When the upsampling factor is a fixed integer $k$, an alternative encoder-only architecture becomes possible. The input trajectory is first expanded to the target length $m = (n-1) \cdot k + 1$ by inserting $k-1$ placeholder tokens between each pair of consecutive input points:

$$(l'_j, t'_j) = \begin{cases} (l_i, t_i) & \text{if } j = (i-1) \cdot k + 1 \text{ for some } i \in {1, \ldots, n} \\ (\texttt{[MASK]}, t'_j) & \text{otherwise} \end{cases}$$

where $t'_j$ at masked positions is the interpolated timestamp. The expanded sequence, with original points preserved and new positions marked with learned mask embeddings, is then processed by the encoder. The encoder output at masked positions is passed through a prediction head to obtain the imputed locations:

$$\hat{l}'_j = \text{MLP}(\mathbf{h}'_j) \quad \text{for masked positions } j$$

Training uses the same regression and classification losses as trajectory prediction, depending on whether target features are continuous or discrete. When input points are aligned with target points, the loss is typically computed only on the newly imputed points to focus learning on the imputation task rather than reconstruction of known inputs.

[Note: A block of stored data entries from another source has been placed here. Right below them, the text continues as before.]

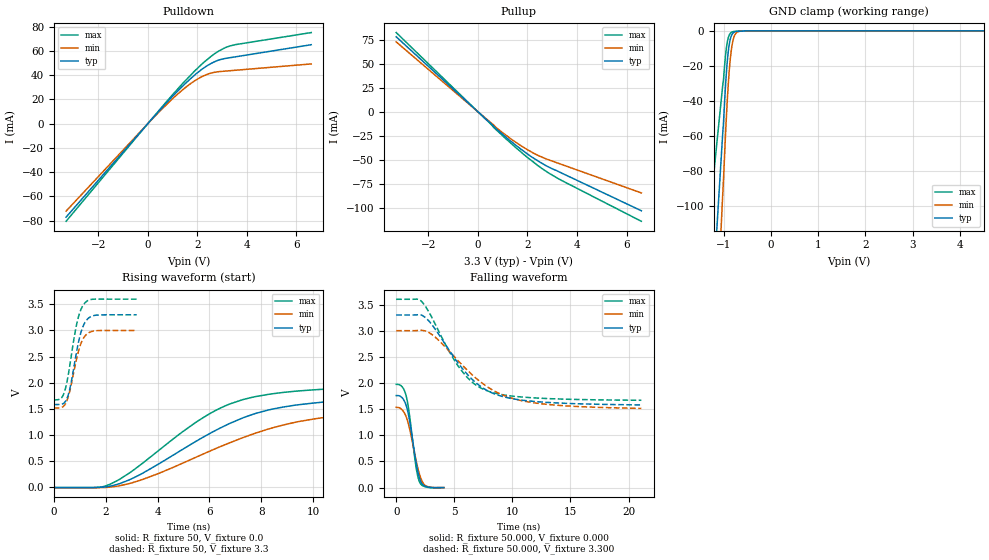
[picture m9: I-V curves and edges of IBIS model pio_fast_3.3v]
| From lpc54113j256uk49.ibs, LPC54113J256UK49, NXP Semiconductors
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[Model]   pio_fast_3.3v
Model_type I/O
Vinl=8.000E-01
Vinh=2.000E+00
Vref=0.000E+00
Rref=1.000E+06
Cref=2.000E-11
Vmeas=1.650E+00
C_comp   9.060E-12   8.700E-12   9.420E-12
[Voltage Range]   3.300E+00   3.000E+00   3.600E+00
[POWER Clamp Reference]   3.300E+00   3.000E+00   3.600E+00
[GND Clamp Reference]   0.000E+00   0.000E+00   0.000E+00
[Pullup Reference]   3.300E+00   3.000E+00   3.600E+00
[Pulldown Reference]   0.000E+00   0.000E+00   0.000E+00
[Temperature Range]   25   105   -40
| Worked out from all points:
|   slope of the pulldown table from 0 to 0.495 V, typ, clamps not added: 43.7 ohm
|   slope of the pullup table from 0 to 0.495 V, typ, clamps not added: 42.9 ohm
|   GND clamp passes 1 mA (typ) near -0.79 V on its own axis
|   rising waveform, R_fixture 50, V_fixture 0.0: 20-80 % time 4.01ns typ, 4.87ns min, 3.42ns max; typ from -0.007 V to 1.75 V
|   falling waveform, R_fixture 50.000, V_fixture 0.000: 20-80 % time 778ps typ, 900ps min, 693ps max; typ from 1.76 V to 0 V
|   rising waveform, R_fixture 50, V_fixture 3.3: 20-80 % time 406ps typ, 410ps min, 403ps max; typ from 1.58 V to 3.3 V
|   falling waveform, R_fixture 50.000, V_fixture 3.300: 20-80 % time 3.75ns typ, 4.6ns min, 3.19ns max; typ from 3.3 V to 1.58 V
[GND Clamp]
-3.3V     -1.057A    -1.379A    -638.8mA
-1.02V    -59.59mA   -94.78mA   -31.69mA
-1V       -51.98mA   -84.2mA    -27.5mA
-960mV    -32.15mA   -60.25mA   -14.52mA
-920mV    -17.1mA    -39.24mA   -6.27mA
-880mV    -7.792mA   -22.91mA   -2.41mA
-860mV    -5.008mA   -16.73mA   -1.493mA
-820mV    -1.972mA   -8.109mA   -648.8uA
-780mV    -812.3uA   -3.517mA   -349.3uA
-740mV    -402.4uA   -1.442mA   -243.8uA
-520mV    -16.02uA   -18.16uA   -14.02uA
6.6V      0A         0A         0A
[Power Clamp]
-3.3V     0A         0A         0A
0V        0A         0A         0A
3.3V      0A         0A         0A
6.6V      0A         0A         0A
[Pullup]
-3.3V     78.3mA     72.94mA    82.7mA
720mV     -17.43mA   -16.13mA   -18.38mA
1.36V     -31.35mA   -28.83mA   -33.53mA
1.82V     -40.62mA   -36.76mA   -43.91mA
2.5V      -52.53mA   -46.42mA   -57.65mA
3.22V     -62.03mA   -53.52mA   -69.47mA
6.6V      -103.4mA   -84.74mA   -114.4mA
[Pulldown]
-3.3V     -77.06mA   -72.09mA   -80.46mA
140mV     3.263mA    3.027mA    3.421mA
1.04V     23.4mA     21.38mA    24.81mA
1.46V     32mA       28.83mA    34.24mA
1.9V      40.22mA    35.44mA    43.55mA
2.22V     45.34mA    39.08mA    49.76mA
2.64V     50.5mA     42.1mA     56.82mA
3.12V     53.7mA     43.29mA    62.54mA
3.54V     55.09mA    44.01mA    65.14mA
6.6V      65.07mA    49.25mA    75.08mA
[Rising Waveform]
R_fixture = 50
V_fixture = 0.0
V_fixture_min = 0.0
V_fixture_max = 0.0
0s        -6.972mV   -11.77mV   -15.61mV
1.65ns    -6.031mV   -11.97mV   -9.955mV
2.2ns     18.82mV    -80.67uV   60.55mV
3.35ns    244.8mV    133.1mV    428.3mV
5.9ns     994.4mV    663.1mV    1.373V
6.8ns     1.222V     850.9mV    1.595V
7.8ns     1.413V     1.036V     1.735V
9.5ns     1.581V     1.26V      1.844V
11.85ns   1.674V     1.403V     1.905V
20.45ns   1.751V     1.522V     1.955V
[Falling Waveform]
R_fixture = 50.000
V_fixture = 0.000
V_fixture_min = 0.000
V_fixture_max = 0.000
|  time   V(typ)   V(min)   V(max)
0s        1.759V     1.535V     1.974V
550ps     1.708V     1.477V     1.916V
900ps     1.539V     1.329V     1.714V
1.15ns    1.28V      1.127V     1.376V
1.7ns     496mV      531.9mV    405.4mV
1.85ns    318.7mV    383.4mV    223.7mV
2ns       186.1mV    258.5mV    112.9mV
2.25ns    67.32mV    113mV      40.17mV
2.55ns    23.02mV    34.5mV     14.07mV
4.1ns     0V         0V         0V
[Rising Waveform]
R_fixture = 50
V_fixture = 3.3
V_fixture_min = 3.0
V_fixture_max = 3.6
0s        1.581V     1.514V     1.67V
300ps     1.587V     1.525V     1.711V
400ps     1.612V     1.559V     1.806V
500ps     1.688V     1.647V     1.996V
650ps     1.957V     1.914V     2.438V
900ps     2.65V      2.506V     3.163V
1.05ns    2.971V     2.756V     3.408V
1.2ns     3.154V     2.893V     3.529V
1.6ns     3.291V     2.993V     3.6V
3.2ns     3.3V       3V         3.6V
[Falling Waveform]
R_fixture = 50.000
V_fixture = 3.300
V_fixture_min = 3.000
V_fixture_max = 3.600
|  time   V(typ)   V(min)   V(max)
0s        3.3V       3V         3.6V
2.2ns     3.295V     3.007V     3.555V
3.2ns     3.078V     2.905V     3.196V
4.5ns     2.646V     2.624V     2.624V
5.4ns     2.36V      2.408V     2.303V
6.5ns     2.079V     2.164V     2.023V
7.65ns    1.878V     1.957V     1.866V
9.3ns     1.733V     1.758V     1.771V
11.7ns    1.651V     1.627V     1.718V
21.1ns    1.581V     1.514V     1.67V
[Ramp]
dV/dt_r   1.0546E+00/4.0018E-09   9.2039E-01/4.8626E-09   1.1824E+00/3.4156E-09
dV/dt_f   1.0315E+00/3.7458E-09   8.9139E-01/4.5835E-09   1.1580E+00/3.1818E-09
R_load = 50

Downstream Applications: Enhancing Resolution

Trajectory imputation is typically considered as a practical application by itself. Sparse sampling is common in real-world trajectory data due to constraints on GPS polling frequency, battery consumption, storage costs, or privacy considerations. For example, ride-hailing services may record vehicle positions every 30 seconds to reduce data transmission costs, while fitness trackers may lower sampling rates to extend battery life. Imputation recovers the fine-grained movement details lost to sparse sampling, enabling more accurate map matching, smoother trajectory visualization, and better input for downstream analyses that assume densely sampled data. In some contexts, trajectory imputation is also referred to as trajectory recovery or trajectory reconstruction.

Representative Works:

  • Xia, Tong, Yunhan Qi, Jie Feng, et al. “AttnMove: History Enhanced Trajectory Recovery via Attentional Network.”
  • Chen, Yuqi, Hanyuan Zhang, Weiwei Sun, and Baihua Zheng. “RNTrajRec: Road Network Enhanced Trajectory Recovery with Spatial-Temporal Transformer.”
  • Wei, Tonglong, Youfang Lin, Yan Lin, Shengnan Guo, Lan Zhang, and Huaiyu Wan. “Micro-Macro Spatial-Temporal Graph-Based Encoder-Decoder for Map-Constrained Trajectory Recovery.”
  • Wei, Tonglong, Yan Lin, Youfang Lin, et al. “PLMTrajRec: A Scalable and Generalizable Trajectory Recovery Method with Pre-Trained Language Models.”